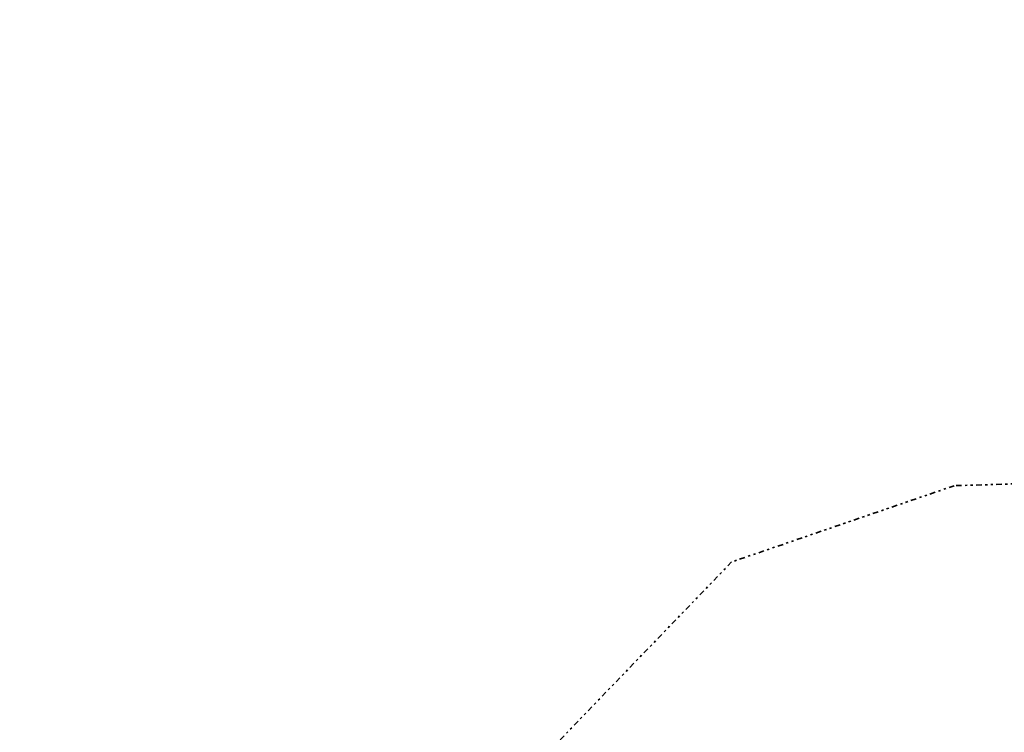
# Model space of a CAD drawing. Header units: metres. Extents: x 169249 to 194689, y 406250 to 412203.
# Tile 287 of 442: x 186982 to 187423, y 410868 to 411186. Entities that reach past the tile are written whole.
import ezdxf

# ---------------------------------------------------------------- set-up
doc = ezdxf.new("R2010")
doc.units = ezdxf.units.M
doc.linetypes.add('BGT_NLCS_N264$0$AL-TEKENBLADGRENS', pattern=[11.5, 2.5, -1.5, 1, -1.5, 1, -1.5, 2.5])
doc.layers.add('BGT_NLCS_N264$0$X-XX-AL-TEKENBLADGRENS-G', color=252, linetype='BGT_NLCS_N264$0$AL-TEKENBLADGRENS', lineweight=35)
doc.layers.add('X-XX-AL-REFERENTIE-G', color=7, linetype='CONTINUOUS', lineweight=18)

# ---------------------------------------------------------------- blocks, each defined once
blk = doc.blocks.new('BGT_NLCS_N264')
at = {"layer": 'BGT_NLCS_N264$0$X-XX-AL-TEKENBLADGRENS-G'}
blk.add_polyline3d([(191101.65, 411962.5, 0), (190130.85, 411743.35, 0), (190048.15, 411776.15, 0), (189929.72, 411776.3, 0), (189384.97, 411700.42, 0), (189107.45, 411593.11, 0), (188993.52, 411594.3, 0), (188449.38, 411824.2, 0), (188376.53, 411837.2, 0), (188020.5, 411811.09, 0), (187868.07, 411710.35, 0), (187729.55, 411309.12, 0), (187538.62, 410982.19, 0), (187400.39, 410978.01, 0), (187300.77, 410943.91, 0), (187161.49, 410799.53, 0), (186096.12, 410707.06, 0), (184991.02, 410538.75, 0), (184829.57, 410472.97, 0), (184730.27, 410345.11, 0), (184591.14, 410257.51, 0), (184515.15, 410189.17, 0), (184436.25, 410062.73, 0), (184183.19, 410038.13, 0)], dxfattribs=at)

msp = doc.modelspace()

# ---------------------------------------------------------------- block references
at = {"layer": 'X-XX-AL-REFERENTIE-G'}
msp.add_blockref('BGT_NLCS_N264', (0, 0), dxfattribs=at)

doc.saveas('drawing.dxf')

··········

Without including any picture, set down the listing above exactly as it appears.

_THE COMPLETED TASK:_
# Model space of a CAD drawing. Header units: metres. Extents: x 169249 to 194689, y 406250 to 412203.
# Tile 287 of 442: x 186982 to 187423, y 410868 to 411186. Entities that reach past the tile are written whole.
import ezdxf

# ---------------------------------------------------------------- set-up
doc = ezdxf.new("R2010")
doc.units = ezdxf.units.M
doc.linetypes.add('BGT_NLCS_N264$0$AL-TEKENBLADGRENS', pattern=[11.5, 2.5, -1.5, 1, -1.5, 1, -1.5, 2.5])
doc.layers.add('BGT_NLCS_N264$0$X-XX-AL-TEKENBLADGRENS-G', color=252, linetype='BGT_NLCS_N264$0$AL-TEKENBLADGRENS', lineweight=35)
doc.layers.add('X-XX-AL-REFERENTIE-G', color=7, linetype='CONTINUOUS', lineweight=18)

# ---------------------------------------------------------------- blocks, each defined once
blk = doc.blocks.new('BGT_NLCS_N264')
at = {"layer": 'BGT_NLCS_N264$0$X-XX-AL-TEKENBLADGRENS-G'}
blk.add_polyline3d([(191101.65, 411962.5, 0), (190130.85, 411743.35, 0), (190048.15, 411776.15, 0), (189929.72, 411776.3, 0), (189384.97, 411700.42, 0), (189107.45, 411593.11, 0), (188993.52, 411594.3, 0), (188449.38, 411824.2, 0), (188376.53, 411837.2, 0), (188020.5, 411811.09, 0), (187868.07, 411710.35, 0), (187729.55, 411309.12, 0), (187538.62, 410982.19, 0), (187400.39, 410978.01, 0), (187300.77, 410943.91, 0), (187161.49, 410799.53, 0), (186096.12, 410707.06, 0), (184991.02, 410538.75, 0), (184829.57, 410472.97, 0), (184730.27, 410345.11, 0), (184591.14, 410257.51, 0), (184515.15, 410189.17, 0), (184436.25, 410062.73, 0), (184183.19, 410038.13, 0)], dxfattribs=at)

msp = doc.modelspace()

# ---------------------------------------------------------------- block references
at = {"layer": 'X-XX-AL-REFERENTIE-G'}
msp.add_blockref('BGT_NLCS_N264', (0, 0), dxfattribs=at)

doc.saveas('drawing.dxf')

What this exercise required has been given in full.